TASK DETAILS -
If a line in the entries contains the string "Profile", include that line in your answer.
-----
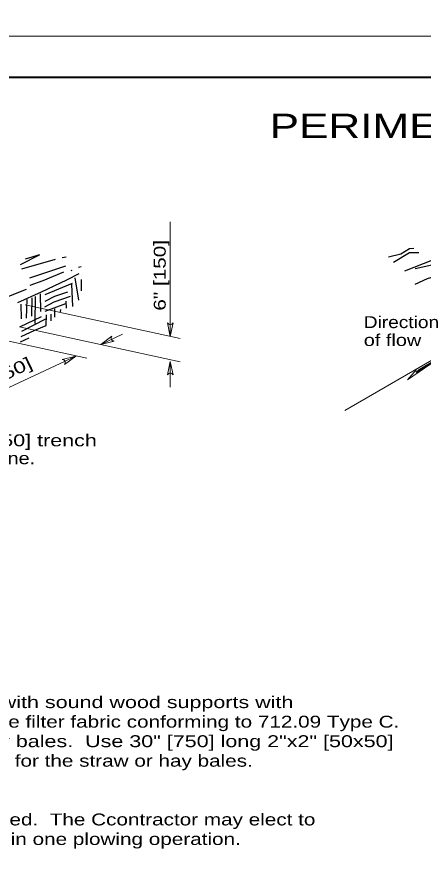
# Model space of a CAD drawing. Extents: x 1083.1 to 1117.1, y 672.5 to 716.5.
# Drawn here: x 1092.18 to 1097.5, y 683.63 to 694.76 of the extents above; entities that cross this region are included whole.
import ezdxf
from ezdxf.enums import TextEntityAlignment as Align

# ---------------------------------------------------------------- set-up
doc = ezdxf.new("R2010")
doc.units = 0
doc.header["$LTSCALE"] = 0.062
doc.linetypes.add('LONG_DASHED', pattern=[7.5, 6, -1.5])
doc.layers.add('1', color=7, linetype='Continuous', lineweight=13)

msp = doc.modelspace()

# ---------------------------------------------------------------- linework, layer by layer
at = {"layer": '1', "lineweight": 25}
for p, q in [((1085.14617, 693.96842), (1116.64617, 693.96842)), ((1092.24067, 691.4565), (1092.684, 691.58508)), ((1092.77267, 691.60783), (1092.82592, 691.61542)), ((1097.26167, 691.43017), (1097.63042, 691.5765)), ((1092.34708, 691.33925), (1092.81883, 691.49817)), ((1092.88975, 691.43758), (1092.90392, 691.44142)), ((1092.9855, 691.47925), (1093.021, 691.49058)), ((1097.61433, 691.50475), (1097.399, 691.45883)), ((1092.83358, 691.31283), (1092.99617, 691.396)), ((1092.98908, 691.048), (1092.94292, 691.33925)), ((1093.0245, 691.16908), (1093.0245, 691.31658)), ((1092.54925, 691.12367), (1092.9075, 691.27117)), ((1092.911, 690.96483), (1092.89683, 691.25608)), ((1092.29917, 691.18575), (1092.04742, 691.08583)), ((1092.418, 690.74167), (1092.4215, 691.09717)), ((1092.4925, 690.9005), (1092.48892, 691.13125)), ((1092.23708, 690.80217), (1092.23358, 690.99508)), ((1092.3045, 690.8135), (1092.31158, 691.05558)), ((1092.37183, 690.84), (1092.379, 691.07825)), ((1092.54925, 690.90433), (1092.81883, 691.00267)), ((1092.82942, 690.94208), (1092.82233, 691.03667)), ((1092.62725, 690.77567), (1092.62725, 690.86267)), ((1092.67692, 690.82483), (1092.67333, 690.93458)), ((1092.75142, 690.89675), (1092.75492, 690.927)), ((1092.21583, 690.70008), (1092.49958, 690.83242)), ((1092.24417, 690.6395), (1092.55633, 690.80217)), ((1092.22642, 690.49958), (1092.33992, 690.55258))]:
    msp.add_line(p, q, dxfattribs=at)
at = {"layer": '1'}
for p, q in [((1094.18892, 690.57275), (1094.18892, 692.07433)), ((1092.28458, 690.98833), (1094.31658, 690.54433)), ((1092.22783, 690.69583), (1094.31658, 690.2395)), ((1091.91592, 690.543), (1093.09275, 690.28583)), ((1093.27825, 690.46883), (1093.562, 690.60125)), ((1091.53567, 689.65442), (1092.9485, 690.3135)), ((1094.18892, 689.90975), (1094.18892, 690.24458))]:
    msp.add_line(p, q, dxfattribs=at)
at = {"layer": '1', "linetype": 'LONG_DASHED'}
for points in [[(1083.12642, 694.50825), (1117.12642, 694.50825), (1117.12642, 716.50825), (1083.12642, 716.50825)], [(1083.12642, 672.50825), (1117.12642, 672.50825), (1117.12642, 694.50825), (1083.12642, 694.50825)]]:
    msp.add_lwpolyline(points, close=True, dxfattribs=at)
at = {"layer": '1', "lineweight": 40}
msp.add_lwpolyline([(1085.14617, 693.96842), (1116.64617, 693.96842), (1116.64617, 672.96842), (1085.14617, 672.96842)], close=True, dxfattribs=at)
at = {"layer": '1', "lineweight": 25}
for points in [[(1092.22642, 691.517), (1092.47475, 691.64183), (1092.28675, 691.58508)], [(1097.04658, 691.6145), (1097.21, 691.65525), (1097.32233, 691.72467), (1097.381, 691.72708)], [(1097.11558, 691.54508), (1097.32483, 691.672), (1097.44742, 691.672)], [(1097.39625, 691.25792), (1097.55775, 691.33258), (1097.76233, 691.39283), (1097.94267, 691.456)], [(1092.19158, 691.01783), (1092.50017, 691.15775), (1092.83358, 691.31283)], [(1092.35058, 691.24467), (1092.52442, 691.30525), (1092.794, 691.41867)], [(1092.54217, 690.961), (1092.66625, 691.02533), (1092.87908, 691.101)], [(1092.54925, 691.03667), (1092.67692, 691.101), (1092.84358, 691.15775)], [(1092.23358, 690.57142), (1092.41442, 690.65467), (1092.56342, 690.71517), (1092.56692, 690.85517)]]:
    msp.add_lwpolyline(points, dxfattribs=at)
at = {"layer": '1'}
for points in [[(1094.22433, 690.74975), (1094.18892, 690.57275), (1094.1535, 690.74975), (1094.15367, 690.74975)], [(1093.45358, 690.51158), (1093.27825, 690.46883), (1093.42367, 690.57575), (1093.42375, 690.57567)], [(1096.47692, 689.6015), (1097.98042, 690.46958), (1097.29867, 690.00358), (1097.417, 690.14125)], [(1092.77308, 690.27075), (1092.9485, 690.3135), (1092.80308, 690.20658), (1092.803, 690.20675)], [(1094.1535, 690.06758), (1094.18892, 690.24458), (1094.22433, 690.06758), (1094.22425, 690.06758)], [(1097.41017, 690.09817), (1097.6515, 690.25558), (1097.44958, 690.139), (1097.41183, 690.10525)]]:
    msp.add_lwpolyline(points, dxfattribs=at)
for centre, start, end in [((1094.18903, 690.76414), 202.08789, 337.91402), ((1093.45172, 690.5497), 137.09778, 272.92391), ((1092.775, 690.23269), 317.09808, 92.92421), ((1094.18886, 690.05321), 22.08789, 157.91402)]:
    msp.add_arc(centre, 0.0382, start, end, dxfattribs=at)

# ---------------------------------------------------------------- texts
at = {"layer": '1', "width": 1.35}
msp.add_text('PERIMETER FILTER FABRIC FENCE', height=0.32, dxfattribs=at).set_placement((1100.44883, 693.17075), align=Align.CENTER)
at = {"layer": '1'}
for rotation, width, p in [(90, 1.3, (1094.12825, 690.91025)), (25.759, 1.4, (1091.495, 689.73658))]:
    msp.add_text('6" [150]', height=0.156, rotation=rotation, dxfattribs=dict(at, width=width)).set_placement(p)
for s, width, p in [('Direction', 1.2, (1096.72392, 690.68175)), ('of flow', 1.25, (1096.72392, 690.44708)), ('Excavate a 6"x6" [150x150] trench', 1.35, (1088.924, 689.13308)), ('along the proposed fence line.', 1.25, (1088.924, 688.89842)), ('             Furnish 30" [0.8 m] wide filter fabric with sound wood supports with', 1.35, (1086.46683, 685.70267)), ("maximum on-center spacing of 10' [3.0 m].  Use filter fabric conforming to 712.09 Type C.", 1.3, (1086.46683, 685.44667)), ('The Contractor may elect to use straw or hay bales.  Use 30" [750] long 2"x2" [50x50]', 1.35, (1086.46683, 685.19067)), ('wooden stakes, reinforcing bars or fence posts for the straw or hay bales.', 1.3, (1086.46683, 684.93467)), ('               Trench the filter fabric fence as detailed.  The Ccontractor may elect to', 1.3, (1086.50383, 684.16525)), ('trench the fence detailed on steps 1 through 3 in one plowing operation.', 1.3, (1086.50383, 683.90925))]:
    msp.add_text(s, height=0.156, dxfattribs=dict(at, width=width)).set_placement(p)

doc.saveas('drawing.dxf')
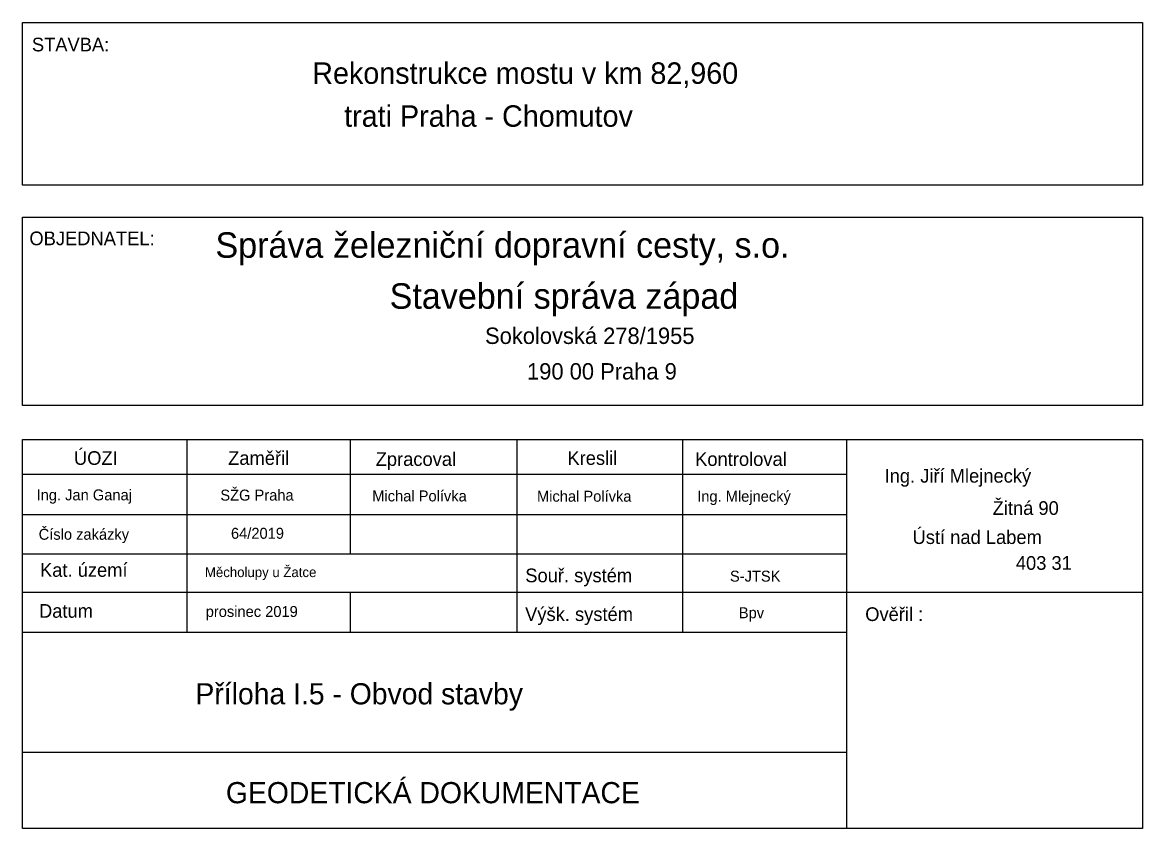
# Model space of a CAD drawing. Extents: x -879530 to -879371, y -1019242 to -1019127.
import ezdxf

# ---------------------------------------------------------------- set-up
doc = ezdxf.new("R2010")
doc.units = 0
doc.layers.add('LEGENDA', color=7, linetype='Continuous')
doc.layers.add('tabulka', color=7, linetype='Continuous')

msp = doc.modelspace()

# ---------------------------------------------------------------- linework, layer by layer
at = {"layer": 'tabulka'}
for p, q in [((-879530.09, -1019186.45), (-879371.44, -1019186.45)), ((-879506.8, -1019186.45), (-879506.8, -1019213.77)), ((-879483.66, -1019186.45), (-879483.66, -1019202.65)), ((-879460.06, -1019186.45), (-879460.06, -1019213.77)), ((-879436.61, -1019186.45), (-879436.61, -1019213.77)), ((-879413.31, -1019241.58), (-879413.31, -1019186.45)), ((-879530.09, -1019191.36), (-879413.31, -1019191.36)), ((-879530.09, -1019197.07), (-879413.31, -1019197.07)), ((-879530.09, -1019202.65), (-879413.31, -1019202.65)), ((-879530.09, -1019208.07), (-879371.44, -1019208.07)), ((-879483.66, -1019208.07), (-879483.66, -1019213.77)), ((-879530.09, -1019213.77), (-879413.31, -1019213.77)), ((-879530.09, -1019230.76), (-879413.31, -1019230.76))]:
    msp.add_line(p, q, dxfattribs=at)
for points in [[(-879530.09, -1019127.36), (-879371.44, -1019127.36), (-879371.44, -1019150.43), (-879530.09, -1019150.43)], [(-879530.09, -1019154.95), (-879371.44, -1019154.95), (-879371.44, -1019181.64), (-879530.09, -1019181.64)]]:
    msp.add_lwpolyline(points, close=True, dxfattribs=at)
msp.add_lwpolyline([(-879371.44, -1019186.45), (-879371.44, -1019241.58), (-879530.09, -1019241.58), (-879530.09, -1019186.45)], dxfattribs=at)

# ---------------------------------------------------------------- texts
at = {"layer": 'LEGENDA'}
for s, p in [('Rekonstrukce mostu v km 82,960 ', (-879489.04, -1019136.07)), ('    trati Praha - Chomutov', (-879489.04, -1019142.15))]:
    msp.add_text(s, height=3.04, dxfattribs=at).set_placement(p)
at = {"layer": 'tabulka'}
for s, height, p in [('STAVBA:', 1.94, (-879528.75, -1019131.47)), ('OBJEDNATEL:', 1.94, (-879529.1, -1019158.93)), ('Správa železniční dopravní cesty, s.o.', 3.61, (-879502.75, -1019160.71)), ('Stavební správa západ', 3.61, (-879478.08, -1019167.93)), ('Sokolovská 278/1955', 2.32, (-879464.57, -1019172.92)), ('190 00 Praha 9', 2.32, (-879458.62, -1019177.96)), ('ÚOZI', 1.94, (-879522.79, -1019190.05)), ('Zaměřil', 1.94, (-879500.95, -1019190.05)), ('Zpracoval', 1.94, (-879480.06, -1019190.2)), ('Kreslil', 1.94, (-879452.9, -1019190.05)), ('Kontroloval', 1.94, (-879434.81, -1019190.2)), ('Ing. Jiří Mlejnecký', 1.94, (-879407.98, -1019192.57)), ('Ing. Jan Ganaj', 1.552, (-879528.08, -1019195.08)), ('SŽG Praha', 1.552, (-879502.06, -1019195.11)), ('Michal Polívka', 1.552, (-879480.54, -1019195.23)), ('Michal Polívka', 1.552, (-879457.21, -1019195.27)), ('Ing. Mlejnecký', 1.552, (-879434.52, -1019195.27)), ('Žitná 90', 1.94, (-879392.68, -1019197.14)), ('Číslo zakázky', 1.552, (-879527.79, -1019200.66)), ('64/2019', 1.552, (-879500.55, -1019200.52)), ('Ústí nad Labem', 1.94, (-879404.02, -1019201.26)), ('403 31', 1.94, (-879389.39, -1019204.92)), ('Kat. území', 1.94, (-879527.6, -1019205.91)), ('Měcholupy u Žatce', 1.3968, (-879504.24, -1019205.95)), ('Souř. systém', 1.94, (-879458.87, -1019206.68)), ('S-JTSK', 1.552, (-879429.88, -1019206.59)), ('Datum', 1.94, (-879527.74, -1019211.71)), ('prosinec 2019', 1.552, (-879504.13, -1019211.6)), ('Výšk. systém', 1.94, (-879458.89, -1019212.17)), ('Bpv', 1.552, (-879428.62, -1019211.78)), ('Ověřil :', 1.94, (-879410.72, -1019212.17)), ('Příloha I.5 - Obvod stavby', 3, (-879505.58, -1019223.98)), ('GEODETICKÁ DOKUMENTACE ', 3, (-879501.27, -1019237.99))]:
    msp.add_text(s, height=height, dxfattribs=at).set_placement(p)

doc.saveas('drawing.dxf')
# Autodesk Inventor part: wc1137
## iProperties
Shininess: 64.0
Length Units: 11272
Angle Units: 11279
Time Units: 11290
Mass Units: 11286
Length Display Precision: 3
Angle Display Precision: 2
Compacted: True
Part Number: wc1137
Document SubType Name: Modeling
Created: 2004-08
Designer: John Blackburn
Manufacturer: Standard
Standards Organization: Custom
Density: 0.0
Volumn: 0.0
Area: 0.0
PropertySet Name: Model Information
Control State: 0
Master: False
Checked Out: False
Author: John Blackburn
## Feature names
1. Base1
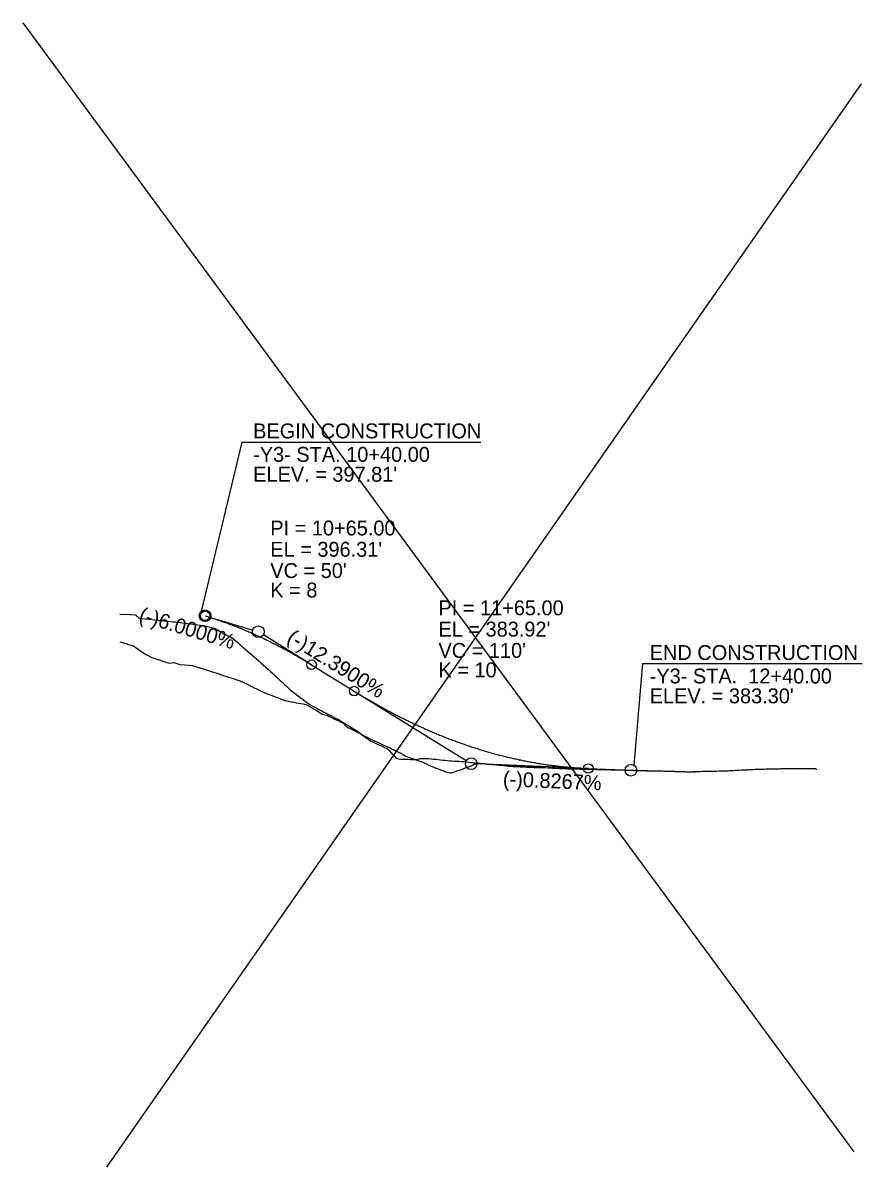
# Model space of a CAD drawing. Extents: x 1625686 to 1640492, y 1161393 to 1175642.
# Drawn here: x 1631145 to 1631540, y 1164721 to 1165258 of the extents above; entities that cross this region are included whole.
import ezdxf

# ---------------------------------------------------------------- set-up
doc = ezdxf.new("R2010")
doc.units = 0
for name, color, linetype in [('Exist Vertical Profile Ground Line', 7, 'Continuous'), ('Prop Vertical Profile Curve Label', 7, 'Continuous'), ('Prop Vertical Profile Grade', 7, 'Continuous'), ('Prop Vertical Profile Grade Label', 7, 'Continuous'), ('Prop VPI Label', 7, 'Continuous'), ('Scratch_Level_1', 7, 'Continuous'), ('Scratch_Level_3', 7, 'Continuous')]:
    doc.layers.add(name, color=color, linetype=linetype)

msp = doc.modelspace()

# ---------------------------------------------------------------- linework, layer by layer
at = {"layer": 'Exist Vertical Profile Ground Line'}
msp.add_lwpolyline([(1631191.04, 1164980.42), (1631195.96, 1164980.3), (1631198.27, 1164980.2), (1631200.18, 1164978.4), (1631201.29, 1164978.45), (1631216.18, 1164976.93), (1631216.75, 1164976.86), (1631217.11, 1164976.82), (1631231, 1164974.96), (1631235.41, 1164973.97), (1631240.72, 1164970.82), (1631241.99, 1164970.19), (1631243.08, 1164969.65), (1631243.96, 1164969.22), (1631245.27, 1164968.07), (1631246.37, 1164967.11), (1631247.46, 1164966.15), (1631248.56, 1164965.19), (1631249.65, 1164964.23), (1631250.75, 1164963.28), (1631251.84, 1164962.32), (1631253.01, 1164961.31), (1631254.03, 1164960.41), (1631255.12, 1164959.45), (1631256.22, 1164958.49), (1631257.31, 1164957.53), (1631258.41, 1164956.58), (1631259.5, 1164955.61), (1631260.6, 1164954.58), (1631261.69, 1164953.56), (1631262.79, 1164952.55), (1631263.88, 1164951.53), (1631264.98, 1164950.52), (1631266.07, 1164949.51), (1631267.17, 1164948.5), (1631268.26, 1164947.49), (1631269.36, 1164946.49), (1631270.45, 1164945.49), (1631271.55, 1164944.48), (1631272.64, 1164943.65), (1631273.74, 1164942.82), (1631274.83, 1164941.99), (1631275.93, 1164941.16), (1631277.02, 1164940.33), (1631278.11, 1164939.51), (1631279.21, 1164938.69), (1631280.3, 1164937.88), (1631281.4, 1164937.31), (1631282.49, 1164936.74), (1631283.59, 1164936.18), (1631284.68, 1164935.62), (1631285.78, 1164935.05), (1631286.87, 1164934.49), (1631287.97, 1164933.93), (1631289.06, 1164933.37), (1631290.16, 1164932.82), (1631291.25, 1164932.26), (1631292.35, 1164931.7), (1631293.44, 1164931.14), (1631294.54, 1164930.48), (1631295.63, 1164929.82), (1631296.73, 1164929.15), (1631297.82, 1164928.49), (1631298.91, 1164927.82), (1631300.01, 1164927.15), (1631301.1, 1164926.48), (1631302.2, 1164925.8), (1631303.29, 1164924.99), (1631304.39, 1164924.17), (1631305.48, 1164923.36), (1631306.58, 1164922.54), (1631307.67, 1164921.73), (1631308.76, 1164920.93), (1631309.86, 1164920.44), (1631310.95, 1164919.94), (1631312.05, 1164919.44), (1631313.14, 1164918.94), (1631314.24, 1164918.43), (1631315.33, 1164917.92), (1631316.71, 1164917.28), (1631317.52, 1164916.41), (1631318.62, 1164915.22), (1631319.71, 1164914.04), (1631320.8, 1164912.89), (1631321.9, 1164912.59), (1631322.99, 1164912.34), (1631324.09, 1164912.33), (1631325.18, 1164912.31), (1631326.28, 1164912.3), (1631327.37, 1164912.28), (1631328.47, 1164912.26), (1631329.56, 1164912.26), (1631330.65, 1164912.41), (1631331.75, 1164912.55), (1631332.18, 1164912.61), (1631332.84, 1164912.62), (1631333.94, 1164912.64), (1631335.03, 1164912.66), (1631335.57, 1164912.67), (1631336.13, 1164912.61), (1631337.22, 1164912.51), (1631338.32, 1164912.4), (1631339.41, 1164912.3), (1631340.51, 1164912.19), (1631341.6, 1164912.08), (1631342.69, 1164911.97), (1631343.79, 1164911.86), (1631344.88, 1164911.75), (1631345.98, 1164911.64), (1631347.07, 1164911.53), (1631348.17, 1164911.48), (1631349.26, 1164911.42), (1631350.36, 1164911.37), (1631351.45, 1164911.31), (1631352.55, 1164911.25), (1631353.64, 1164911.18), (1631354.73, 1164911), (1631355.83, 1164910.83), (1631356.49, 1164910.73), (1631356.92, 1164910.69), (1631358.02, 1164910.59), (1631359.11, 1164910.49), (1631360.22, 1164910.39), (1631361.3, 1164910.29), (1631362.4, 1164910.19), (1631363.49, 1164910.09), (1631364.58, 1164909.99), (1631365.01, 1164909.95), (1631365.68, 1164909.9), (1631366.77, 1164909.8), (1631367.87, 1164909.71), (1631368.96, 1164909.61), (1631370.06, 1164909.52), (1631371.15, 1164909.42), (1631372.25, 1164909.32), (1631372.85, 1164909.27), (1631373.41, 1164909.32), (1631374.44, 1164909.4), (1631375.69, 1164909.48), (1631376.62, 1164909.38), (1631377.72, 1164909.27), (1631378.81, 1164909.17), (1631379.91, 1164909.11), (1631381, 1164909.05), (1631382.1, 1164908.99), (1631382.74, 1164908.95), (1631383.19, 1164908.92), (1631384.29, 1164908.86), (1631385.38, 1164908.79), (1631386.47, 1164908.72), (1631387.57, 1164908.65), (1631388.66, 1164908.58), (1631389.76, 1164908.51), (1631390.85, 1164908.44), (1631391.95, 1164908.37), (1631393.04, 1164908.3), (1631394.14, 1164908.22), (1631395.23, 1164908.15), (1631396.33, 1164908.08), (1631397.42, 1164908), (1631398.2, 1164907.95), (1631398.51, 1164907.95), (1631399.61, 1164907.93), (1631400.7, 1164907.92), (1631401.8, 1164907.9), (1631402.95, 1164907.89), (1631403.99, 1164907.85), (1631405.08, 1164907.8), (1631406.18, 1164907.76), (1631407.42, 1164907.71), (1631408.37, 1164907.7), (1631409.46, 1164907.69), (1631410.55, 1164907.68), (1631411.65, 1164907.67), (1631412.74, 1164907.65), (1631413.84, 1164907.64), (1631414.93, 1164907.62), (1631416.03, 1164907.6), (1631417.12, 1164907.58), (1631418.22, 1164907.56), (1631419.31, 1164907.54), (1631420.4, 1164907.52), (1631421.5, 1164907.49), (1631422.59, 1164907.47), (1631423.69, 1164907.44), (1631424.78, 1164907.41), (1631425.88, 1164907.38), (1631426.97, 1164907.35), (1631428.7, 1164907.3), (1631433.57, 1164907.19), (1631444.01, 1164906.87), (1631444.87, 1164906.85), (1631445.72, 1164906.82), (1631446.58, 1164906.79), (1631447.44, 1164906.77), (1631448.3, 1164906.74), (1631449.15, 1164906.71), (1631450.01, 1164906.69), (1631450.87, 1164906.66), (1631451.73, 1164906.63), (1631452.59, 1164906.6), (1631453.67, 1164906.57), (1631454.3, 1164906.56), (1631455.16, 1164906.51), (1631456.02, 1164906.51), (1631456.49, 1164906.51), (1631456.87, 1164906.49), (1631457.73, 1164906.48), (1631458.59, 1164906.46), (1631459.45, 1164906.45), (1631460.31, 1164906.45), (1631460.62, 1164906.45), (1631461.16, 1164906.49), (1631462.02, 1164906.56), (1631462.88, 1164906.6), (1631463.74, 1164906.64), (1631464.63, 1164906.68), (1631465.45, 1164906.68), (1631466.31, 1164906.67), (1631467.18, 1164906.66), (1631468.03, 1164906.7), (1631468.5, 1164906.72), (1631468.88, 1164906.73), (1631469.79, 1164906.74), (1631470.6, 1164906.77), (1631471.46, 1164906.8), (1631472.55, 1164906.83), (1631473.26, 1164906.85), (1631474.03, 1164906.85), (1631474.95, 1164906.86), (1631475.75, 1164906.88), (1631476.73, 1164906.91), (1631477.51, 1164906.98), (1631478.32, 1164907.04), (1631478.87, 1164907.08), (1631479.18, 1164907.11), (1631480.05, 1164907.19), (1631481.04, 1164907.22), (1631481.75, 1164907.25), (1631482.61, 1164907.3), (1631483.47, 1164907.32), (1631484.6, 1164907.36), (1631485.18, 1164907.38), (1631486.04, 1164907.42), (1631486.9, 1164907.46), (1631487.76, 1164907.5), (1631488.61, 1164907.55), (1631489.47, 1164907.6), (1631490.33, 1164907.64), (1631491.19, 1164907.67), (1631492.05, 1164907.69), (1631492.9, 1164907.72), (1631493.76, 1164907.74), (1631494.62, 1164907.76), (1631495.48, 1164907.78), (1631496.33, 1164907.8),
-----
TASK OUTPUT -
for name, color, linetype in [('Exist Vertical Profile Ground Line', 7, 'Continuous'), ('Prop Vertical Profile Curve Label', 7, 'Continuous'), ('Prop Vertical Profile Grade', 7, 'Continuous'), ('Prop Vertical Profile Grade Label', 7, 'Continuous'), ('Prop VPI Label', 7, 'Continuous'), ('Scratch_Level_1', 7, 'Continuous'), ('Scratch_Level_3', 7, 'Continuous')]:
at = {"layer": 'Exist Vertical Profile Ground Line'}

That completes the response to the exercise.